Agree that the PID is very useful. I have doubts though that it helps the temperature DURING a shot though.

What it does it allows you to "see" that you are in the correct temperature to start your shot (or your steaming).

By monitoring the temp you learn to your machine better i.e the classic needs a lot of time to come down to brew temp after steaming and this is not evident at all without a PID. Another observation is during the first flush (after the machine has been of on for some time) the temp drops amazingly fast (that's why the flush is needed) and then you have to wait for a minute or so to get to the correct temp. More examples like these are easily evident when you have a PID so you learn much more about your machine and at the end your process improves.

Since then graph though is about the temp during the shot I am not sure that the PID can help much.

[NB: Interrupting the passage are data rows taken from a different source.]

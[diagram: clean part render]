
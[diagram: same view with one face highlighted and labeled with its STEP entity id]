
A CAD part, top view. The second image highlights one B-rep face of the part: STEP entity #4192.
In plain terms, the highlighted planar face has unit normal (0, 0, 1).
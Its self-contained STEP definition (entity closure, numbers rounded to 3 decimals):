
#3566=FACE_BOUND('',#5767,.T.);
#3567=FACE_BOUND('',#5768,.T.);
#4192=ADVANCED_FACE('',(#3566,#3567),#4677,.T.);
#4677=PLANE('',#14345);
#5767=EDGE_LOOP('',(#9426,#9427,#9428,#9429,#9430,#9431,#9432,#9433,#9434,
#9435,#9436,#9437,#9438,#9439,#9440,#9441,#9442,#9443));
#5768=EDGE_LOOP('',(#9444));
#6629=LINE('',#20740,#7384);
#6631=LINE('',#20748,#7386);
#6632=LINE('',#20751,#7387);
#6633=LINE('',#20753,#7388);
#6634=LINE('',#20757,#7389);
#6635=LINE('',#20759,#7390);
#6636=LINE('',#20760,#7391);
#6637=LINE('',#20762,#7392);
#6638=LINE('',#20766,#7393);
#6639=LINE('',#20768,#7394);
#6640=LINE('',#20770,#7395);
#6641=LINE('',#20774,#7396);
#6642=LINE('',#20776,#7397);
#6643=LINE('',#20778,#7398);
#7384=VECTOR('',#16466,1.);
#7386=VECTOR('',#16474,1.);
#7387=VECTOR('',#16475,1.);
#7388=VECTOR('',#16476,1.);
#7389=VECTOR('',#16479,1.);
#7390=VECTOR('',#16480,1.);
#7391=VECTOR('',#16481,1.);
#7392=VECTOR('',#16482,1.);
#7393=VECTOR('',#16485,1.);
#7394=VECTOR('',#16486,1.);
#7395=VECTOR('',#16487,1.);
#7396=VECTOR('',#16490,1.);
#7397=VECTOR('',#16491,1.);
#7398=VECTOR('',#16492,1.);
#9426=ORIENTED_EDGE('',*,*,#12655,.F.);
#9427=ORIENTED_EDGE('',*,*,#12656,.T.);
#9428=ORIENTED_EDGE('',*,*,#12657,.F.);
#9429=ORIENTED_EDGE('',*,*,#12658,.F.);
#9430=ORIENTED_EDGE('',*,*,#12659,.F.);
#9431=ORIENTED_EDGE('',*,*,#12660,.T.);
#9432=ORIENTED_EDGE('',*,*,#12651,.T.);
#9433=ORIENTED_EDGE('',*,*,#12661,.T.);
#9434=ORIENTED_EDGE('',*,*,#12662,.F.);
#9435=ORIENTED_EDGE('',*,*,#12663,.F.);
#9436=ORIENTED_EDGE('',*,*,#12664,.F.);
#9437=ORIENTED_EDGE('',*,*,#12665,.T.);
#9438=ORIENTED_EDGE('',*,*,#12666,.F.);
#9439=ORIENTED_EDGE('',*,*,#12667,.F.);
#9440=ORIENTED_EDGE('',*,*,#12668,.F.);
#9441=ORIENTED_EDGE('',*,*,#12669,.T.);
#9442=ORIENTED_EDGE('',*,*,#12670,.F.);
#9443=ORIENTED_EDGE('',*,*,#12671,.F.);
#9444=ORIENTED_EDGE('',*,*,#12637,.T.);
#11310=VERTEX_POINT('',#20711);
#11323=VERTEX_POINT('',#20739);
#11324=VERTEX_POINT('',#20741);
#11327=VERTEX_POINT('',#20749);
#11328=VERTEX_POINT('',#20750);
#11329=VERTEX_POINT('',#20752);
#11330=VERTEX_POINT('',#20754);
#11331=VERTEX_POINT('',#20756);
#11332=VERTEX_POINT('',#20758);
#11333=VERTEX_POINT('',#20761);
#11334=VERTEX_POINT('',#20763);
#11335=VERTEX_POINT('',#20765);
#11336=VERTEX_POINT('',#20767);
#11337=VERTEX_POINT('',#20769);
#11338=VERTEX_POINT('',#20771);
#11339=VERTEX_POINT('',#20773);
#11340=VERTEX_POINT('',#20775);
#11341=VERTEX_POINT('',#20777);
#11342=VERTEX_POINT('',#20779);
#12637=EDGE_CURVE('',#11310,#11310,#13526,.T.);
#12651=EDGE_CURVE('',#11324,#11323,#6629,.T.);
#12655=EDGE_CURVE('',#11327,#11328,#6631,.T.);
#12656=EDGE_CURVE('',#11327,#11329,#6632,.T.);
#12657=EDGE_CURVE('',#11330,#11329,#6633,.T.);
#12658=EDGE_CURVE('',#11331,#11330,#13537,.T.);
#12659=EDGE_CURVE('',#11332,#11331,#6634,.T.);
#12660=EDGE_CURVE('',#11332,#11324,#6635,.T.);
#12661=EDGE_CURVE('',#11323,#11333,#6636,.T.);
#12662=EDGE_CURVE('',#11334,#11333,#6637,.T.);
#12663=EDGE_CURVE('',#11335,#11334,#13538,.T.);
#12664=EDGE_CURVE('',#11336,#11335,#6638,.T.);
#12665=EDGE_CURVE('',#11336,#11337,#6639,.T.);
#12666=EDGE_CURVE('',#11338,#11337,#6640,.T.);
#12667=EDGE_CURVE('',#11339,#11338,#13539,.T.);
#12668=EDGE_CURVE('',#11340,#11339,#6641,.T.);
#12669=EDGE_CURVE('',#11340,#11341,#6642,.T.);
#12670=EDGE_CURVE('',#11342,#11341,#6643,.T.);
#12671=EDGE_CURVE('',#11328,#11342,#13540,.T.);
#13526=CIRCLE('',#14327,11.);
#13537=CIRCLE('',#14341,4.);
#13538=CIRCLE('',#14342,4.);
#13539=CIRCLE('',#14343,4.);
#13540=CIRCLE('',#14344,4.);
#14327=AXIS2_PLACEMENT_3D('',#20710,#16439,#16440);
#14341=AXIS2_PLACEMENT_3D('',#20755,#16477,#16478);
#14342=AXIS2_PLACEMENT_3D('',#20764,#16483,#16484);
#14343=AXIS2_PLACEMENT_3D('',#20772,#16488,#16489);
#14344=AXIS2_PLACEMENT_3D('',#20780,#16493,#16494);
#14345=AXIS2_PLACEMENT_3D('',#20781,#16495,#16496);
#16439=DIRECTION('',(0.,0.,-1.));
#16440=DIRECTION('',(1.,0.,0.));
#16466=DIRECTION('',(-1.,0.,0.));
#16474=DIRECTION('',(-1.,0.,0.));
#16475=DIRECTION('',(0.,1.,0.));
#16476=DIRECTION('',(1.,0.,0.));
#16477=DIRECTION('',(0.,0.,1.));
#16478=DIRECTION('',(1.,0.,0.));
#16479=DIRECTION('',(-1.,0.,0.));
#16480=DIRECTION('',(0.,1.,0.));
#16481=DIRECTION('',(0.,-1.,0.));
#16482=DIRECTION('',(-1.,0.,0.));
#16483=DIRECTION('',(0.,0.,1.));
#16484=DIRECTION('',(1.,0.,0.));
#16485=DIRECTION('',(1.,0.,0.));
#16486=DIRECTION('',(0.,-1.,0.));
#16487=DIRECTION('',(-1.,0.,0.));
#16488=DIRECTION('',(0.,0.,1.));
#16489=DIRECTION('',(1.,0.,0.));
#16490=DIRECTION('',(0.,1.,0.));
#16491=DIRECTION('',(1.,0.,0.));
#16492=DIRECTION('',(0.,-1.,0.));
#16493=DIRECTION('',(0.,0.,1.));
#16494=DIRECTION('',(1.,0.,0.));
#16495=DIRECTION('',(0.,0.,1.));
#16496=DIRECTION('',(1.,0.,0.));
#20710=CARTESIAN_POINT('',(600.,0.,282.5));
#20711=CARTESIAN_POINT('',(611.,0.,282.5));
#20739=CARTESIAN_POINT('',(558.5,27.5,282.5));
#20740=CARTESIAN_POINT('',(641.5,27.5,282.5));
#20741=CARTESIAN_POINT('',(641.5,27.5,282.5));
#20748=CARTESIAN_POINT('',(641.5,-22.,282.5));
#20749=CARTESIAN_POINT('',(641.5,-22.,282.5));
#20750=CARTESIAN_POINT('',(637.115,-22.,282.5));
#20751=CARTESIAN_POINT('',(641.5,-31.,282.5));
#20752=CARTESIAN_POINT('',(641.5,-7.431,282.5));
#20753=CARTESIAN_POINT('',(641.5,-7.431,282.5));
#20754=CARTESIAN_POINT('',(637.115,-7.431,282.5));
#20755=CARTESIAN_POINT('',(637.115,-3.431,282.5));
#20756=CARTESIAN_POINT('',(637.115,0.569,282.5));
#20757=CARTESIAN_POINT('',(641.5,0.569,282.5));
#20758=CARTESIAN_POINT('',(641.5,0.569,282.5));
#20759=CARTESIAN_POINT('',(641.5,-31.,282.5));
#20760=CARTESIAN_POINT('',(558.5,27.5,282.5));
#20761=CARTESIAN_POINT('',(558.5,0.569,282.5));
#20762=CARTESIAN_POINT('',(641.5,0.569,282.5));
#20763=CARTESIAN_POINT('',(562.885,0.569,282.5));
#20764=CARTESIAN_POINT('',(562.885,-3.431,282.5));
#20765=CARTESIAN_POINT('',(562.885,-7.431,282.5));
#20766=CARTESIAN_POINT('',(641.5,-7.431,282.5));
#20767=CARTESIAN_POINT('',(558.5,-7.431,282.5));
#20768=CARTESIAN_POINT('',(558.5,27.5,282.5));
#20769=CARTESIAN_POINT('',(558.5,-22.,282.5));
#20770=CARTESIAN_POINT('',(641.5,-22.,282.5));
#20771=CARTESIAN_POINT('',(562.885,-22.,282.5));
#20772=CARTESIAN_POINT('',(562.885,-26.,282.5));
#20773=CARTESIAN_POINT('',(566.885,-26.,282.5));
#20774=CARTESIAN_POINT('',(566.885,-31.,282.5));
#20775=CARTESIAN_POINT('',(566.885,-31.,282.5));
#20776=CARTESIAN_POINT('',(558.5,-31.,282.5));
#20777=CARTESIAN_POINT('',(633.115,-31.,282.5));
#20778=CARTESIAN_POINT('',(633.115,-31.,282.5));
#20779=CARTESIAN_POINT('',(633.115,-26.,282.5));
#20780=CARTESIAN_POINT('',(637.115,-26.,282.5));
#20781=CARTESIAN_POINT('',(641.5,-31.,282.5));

P.S. Feel free to correct me, these are merely my observations


----------



## Jim bean

Totally agree with the above

a good tip I've learnt for cooling the boiler after steaming

after turning the steam switch off I hit the brew switch as normal to refill the boiler but run around 100ml of water in to a cup by the time I've cleaned up weighed out some more beans I hit the brew switch again for a few seconds

grind the beans and the brew temp is stable and ready to go again

so I can do drinks pretty much 1 after the other using this method

cheers James


----------



## Bigpikle

thanks all - need to investigate the PID mod I think.


----------



## majnu

Pid just takes the guesswork out from temp surfing, but at the end of the day if you can get great tasting espresso without one then there really isn't need to change. However for the steaming side of things the difference is night and day.


----------



## peterj

Jim bean said:


> Totally agree with the above
> 
> a good tip I've learnt for cooling the boiler after steaming
> 
> after turning the steam switch off I hit the brew switch as normal to refill the boiler but run around 100ml of water in to a cup by the time I've cleaned up weighed out some more beans I hit the brew switch again for a few seconds
> 
> grind the beans and the brew temp is stable and ready to go again
> 
> so I can do drinks pretty much 1 after the other using this method
> 
> cheers James


This general approach has been great for me also, I turn off the steam switch, and I dump out the steam through the wand and head until I get water..got to be a few hundred mils each time, do something else like grind etc then make the next shot. Forget pulling a shot after steaming without doing this...it's like an inferno...


----------



## gingerneil

All these guide posts on bringing the brew temp down are possible as a result of having a pid installed. The brew light only indicates that the temp it somewhere above whatever the thermostat is set at. It could be 90C, or it could be 140C. You really don't want to waste your lovely beans brewing at either of these temps. I think I spent about £40 on the PID - and the difference is huge. I find myself glancing at the PID display all the time - using it to drive when I brew and steam. The point above about bringing the brew temp down after steaming is an excellent tip. I never did this before I installed the PID because I just wasn't aware that I was pulling a shot with the boiler at 140C !

The effect on the steaming is huge too - it will go forever with the PID controlling the element to maintain steam. You don't get that from the stock machine. You do have to be careful you don't empty the boiler tho! (I'm not sure how long that would take, and don't really want to test it!)


----------



## Krax

As a follow up to the Gaggia Class Brew Temperature Graph I posted a while back, attached are two further graphs showing 1) the difference in boiler temperature stability with the PID Mod fitted and 2) the temperature during and following hitting the brew switch with the PID fitted. As previously commented by charris, the PID makes no difference to the temperature during the shot but at least the start temperature is better known. What was surprising to me is how long it takes the shower head to recover to the start temperature after a quick flush. The PID itself displays the RTD temperature as having reached and stabilised at the setpoint much quicker than this, which can be misleading. I have also noticed a slight overshoot with the PID autotuned which means the showerhead temperature drops by a further 0.5ºC after around 10 minutes standby, even though the PID display remains constant. To get a totally consistent shot temperature I have to flush after a half hour warm up and then brew in a 5 - 10 minute window thereafter. This seems a little OTT, but does seem to be reflected in the taste.

Gaggia RTD Stat Comparison.pdf

Shot temperature recovery.pdf


----------